What to produce: What lines below mention the word "mapa"? Copy each one.

:: Data provided ::

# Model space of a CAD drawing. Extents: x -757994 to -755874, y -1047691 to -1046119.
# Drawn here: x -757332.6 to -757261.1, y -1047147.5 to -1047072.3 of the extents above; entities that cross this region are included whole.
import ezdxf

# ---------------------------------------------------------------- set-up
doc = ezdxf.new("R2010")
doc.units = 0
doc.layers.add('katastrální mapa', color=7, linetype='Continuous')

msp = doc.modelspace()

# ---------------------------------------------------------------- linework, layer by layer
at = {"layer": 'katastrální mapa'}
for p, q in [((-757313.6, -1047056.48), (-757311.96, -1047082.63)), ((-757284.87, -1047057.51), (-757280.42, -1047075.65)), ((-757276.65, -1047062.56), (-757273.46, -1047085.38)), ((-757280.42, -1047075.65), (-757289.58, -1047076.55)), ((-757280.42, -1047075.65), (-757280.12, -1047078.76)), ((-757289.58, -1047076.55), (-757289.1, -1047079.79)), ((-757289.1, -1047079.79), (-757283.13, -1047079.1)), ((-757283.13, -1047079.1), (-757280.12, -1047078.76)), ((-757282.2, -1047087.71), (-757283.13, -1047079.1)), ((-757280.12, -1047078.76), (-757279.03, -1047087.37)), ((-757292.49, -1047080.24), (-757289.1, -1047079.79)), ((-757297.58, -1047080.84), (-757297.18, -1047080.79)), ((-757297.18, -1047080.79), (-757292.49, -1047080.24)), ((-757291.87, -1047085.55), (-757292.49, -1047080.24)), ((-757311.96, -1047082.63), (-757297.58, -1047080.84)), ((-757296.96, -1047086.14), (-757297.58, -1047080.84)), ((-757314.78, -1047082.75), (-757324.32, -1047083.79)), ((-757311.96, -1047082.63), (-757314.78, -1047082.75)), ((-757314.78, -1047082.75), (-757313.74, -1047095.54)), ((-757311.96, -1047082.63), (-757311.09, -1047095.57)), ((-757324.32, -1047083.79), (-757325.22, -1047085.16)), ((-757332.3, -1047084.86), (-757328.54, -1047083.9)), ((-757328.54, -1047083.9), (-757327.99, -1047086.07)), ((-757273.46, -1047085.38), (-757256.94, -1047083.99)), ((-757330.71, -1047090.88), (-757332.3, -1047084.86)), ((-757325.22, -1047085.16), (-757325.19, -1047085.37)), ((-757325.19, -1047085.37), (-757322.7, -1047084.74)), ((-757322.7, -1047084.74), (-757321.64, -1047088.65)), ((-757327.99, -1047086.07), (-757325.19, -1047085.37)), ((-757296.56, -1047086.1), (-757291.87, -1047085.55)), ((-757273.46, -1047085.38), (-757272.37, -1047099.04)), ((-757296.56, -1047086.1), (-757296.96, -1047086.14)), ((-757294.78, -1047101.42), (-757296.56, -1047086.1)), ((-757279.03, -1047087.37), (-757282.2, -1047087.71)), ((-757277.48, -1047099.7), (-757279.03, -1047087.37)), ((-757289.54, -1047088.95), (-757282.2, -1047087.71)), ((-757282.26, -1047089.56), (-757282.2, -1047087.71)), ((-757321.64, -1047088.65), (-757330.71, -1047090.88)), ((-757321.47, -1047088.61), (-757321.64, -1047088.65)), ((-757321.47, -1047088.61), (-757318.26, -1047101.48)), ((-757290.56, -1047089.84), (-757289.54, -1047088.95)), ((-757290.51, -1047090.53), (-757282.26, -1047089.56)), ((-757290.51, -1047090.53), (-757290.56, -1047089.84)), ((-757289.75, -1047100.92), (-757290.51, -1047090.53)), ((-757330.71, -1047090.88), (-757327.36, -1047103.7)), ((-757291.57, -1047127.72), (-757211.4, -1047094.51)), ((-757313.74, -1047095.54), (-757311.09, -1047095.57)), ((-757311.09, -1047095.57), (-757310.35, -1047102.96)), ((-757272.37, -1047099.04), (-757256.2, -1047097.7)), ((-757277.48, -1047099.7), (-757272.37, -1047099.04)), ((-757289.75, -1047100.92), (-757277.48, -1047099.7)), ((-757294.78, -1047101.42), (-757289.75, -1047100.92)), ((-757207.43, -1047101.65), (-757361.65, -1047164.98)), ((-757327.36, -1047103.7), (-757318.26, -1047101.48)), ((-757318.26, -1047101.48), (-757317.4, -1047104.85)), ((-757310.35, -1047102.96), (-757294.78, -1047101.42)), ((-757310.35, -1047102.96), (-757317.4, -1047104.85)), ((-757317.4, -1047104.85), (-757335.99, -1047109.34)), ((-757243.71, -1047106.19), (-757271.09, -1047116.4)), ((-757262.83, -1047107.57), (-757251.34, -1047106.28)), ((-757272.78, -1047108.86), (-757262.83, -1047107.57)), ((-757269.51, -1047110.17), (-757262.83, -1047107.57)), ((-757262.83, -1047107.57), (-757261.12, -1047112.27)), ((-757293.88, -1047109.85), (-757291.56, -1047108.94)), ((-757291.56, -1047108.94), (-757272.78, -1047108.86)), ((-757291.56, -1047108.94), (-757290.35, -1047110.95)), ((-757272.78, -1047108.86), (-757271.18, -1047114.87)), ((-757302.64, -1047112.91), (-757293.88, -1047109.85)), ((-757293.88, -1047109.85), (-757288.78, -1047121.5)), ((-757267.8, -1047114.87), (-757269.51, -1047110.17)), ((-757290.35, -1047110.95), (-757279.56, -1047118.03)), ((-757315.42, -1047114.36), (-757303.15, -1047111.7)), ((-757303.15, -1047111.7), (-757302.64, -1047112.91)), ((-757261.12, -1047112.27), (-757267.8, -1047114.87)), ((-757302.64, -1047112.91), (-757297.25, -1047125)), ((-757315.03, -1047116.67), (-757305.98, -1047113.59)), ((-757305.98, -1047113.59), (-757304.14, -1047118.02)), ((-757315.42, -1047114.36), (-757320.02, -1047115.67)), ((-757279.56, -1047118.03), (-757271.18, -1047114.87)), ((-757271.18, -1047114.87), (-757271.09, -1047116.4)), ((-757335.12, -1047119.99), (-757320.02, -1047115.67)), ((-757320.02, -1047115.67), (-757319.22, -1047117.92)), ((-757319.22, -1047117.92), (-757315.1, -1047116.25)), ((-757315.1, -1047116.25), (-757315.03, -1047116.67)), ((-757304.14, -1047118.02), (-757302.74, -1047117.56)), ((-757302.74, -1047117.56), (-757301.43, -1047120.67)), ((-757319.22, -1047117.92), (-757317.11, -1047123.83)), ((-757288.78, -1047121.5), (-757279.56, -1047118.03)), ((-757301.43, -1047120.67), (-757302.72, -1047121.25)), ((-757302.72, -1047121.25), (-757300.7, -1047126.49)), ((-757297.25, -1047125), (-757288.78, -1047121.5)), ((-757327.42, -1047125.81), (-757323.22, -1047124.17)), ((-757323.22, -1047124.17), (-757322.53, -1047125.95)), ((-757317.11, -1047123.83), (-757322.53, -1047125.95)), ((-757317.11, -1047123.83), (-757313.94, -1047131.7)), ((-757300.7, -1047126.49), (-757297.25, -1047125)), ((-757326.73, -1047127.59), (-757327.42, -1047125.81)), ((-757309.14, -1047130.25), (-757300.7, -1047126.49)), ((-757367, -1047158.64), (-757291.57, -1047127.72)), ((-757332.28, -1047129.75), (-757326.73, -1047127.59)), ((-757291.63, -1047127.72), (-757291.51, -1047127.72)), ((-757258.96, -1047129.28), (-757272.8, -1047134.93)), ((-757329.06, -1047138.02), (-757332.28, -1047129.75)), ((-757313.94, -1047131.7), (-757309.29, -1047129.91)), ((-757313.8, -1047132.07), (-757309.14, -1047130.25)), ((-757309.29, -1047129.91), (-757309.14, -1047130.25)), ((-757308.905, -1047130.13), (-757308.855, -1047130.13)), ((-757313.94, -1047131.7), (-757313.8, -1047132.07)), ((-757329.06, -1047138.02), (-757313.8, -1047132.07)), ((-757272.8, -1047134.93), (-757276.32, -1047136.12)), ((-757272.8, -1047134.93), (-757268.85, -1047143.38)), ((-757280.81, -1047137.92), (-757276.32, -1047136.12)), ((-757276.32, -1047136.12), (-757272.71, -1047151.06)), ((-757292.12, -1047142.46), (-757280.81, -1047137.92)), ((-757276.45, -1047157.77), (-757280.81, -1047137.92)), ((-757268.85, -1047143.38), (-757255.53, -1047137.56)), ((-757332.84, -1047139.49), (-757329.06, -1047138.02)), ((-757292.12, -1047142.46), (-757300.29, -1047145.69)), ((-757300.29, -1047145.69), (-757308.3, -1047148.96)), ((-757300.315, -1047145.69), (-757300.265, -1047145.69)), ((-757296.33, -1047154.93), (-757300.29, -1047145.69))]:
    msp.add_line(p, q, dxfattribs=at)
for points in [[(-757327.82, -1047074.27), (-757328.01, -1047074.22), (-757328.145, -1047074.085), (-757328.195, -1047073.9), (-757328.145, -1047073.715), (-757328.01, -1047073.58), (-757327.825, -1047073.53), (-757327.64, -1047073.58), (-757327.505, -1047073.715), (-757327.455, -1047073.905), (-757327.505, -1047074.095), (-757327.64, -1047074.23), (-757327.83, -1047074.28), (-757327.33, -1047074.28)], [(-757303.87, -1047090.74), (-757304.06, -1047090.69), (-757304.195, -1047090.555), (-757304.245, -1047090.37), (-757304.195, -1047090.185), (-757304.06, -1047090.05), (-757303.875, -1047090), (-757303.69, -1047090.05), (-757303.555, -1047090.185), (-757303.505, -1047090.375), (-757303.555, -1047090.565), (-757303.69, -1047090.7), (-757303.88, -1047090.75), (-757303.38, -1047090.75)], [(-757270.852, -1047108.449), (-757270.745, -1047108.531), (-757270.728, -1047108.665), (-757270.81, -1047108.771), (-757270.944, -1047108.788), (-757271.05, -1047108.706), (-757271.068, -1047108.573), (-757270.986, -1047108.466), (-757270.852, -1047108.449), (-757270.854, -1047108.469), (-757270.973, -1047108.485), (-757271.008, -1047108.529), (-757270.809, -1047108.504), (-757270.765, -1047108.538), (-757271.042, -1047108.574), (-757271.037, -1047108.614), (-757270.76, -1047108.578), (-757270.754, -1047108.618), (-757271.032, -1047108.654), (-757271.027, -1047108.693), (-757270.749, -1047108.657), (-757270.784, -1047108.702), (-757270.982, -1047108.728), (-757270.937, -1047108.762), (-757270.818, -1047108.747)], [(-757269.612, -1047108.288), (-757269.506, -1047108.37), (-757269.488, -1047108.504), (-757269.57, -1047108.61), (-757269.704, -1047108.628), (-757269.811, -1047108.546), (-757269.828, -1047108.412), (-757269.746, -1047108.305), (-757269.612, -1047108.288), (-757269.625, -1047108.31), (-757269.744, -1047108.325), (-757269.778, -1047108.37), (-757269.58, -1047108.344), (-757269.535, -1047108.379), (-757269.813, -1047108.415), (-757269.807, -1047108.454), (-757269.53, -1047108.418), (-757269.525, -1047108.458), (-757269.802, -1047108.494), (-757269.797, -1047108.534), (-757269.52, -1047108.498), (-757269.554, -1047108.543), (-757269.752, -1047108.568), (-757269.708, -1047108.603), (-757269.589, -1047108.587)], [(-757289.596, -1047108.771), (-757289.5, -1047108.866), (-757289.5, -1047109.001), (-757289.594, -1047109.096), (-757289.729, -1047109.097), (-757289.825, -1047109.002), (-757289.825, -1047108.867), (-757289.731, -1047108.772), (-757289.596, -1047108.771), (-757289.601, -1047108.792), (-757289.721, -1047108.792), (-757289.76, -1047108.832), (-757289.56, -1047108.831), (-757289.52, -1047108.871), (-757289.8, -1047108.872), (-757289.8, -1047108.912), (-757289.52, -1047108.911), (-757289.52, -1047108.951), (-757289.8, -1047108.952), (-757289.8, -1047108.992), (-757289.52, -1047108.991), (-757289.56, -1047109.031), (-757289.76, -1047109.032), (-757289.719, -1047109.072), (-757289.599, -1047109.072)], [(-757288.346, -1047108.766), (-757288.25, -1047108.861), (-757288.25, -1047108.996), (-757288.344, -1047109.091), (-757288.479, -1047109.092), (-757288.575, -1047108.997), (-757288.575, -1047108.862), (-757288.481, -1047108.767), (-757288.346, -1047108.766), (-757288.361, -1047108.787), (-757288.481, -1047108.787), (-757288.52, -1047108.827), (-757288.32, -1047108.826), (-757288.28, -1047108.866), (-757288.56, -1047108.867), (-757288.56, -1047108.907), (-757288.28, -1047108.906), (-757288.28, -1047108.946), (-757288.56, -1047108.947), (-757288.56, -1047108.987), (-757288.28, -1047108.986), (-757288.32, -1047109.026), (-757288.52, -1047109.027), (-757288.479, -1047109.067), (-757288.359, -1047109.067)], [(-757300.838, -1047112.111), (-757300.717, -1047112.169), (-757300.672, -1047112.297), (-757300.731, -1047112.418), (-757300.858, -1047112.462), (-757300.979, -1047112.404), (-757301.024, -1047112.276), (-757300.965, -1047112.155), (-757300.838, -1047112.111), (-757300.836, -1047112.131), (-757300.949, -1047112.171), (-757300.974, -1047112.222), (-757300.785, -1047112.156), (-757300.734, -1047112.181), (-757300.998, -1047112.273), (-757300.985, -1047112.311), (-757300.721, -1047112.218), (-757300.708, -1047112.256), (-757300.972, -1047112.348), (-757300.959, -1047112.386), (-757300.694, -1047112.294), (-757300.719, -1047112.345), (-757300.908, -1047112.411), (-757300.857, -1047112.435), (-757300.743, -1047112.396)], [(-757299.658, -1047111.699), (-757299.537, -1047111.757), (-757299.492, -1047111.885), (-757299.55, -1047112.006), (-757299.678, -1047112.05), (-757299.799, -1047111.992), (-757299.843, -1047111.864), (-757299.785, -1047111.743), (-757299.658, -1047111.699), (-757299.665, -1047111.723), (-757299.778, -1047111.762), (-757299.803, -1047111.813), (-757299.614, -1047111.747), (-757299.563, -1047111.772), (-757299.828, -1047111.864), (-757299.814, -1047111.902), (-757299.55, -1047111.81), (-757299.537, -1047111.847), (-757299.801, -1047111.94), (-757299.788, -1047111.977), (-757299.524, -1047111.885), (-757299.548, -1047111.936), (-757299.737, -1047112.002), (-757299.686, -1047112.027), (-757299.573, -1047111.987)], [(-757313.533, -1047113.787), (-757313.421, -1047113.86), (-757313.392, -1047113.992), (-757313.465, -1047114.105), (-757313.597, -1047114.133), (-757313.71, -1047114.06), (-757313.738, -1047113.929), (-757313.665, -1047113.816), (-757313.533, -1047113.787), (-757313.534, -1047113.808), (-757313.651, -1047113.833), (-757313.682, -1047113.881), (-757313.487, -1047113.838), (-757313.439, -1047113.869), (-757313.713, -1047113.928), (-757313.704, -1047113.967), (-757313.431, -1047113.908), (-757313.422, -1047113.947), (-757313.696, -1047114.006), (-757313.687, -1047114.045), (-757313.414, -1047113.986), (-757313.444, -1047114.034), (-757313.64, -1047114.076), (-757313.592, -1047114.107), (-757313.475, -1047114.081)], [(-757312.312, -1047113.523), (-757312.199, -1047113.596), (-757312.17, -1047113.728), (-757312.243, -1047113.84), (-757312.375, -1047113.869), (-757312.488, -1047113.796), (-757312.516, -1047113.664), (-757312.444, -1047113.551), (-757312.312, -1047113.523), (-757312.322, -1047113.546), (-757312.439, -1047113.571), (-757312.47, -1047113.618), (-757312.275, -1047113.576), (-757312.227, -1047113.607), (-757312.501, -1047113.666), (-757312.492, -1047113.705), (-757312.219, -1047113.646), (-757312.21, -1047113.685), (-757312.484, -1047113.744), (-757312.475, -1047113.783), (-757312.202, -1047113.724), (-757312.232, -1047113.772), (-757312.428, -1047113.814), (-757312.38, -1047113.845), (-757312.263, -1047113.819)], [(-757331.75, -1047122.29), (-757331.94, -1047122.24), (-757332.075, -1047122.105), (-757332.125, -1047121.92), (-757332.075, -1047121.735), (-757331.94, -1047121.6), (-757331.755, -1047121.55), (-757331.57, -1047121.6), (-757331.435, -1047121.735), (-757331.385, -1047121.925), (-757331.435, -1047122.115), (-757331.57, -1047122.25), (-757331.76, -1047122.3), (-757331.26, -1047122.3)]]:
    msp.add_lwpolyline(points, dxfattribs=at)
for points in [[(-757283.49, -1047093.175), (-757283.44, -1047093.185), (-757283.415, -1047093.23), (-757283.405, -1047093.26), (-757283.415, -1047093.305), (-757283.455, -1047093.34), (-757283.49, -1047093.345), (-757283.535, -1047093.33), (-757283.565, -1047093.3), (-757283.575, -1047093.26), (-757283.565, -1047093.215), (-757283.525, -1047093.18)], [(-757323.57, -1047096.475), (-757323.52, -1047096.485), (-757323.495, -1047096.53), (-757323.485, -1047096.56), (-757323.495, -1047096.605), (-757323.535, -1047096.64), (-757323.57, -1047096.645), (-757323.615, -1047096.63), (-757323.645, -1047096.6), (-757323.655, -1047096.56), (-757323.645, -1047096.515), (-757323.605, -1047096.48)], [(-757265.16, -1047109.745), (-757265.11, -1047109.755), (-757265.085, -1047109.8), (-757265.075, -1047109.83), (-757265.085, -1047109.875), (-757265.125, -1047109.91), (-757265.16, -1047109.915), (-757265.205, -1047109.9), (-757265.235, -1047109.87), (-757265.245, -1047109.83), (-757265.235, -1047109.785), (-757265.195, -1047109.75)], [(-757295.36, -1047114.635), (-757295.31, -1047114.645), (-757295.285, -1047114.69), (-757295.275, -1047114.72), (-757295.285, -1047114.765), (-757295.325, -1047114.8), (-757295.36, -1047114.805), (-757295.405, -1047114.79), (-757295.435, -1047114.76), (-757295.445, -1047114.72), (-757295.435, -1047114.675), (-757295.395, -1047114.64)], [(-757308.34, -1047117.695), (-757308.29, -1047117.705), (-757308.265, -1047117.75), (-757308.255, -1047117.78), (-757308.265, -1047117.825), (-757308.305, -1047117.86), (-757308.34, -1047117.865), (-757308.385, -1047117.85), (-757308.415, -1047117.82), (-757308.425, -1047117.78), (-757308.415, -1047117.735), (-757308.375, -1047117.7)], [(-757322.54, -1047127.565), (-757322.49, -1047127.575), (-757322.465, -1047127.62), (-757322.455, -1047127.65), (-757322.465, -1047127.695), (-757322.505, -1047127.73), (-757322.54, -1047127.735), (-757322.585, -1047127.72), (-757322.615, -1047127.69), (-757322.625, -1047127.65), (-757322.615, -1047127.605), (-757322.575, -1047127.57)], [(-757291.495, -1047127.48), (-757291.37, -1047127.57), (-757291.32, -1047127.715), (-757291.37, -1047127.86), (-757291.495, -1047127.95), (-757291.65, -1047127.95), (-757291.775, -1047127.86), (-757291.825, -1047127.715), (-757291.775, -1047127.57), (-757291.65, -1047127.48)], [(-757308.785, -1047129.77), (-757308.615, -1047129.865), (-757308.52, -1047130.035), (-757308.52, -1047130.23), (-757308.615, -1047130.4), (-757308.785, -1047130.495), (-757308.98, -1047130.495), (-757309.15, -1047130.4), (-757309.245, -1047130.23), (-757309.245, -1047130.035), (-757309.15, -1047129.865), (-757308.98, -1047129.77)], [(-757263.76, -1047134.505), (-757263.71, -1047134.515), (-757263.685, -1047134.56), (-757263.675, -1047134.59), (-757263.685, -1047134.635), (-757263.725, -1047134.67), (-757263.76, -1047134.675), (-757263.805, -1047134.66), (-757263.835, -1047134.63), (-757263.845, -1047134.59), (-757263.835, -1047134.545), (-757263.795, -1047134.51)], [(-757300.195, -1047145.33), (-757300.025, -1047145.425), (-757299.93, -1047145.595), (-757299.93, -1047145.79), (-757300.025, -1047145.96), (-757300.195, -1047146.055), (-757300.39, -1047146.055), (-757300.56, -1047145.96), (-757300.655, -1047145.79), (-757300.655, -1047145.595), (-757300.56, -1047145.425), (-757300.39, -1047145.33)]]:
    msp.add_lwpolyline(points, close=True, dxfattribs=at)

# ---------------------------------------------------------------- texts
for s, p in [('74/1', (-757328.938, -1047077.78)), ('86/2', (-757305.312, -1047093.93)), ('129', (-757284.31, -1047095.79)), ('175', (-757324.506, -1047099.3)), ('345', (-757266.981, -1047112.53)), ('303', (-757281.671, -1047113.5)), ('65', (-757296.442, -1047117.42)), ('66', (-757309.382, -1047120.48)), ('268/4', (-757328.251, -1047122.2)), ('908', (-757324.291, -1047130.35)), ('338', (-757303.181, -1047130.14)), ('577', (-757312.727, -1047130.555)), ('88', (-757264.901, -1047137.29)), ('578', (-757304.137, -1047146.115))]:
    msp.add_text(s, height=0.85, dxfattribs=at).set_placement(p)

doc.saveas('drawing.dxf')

:::

Solved exercise:
doc.layers.add('katastrální mapa', color=7, linetype='Continuous')
at = {"layer": 'katastrální mapa'}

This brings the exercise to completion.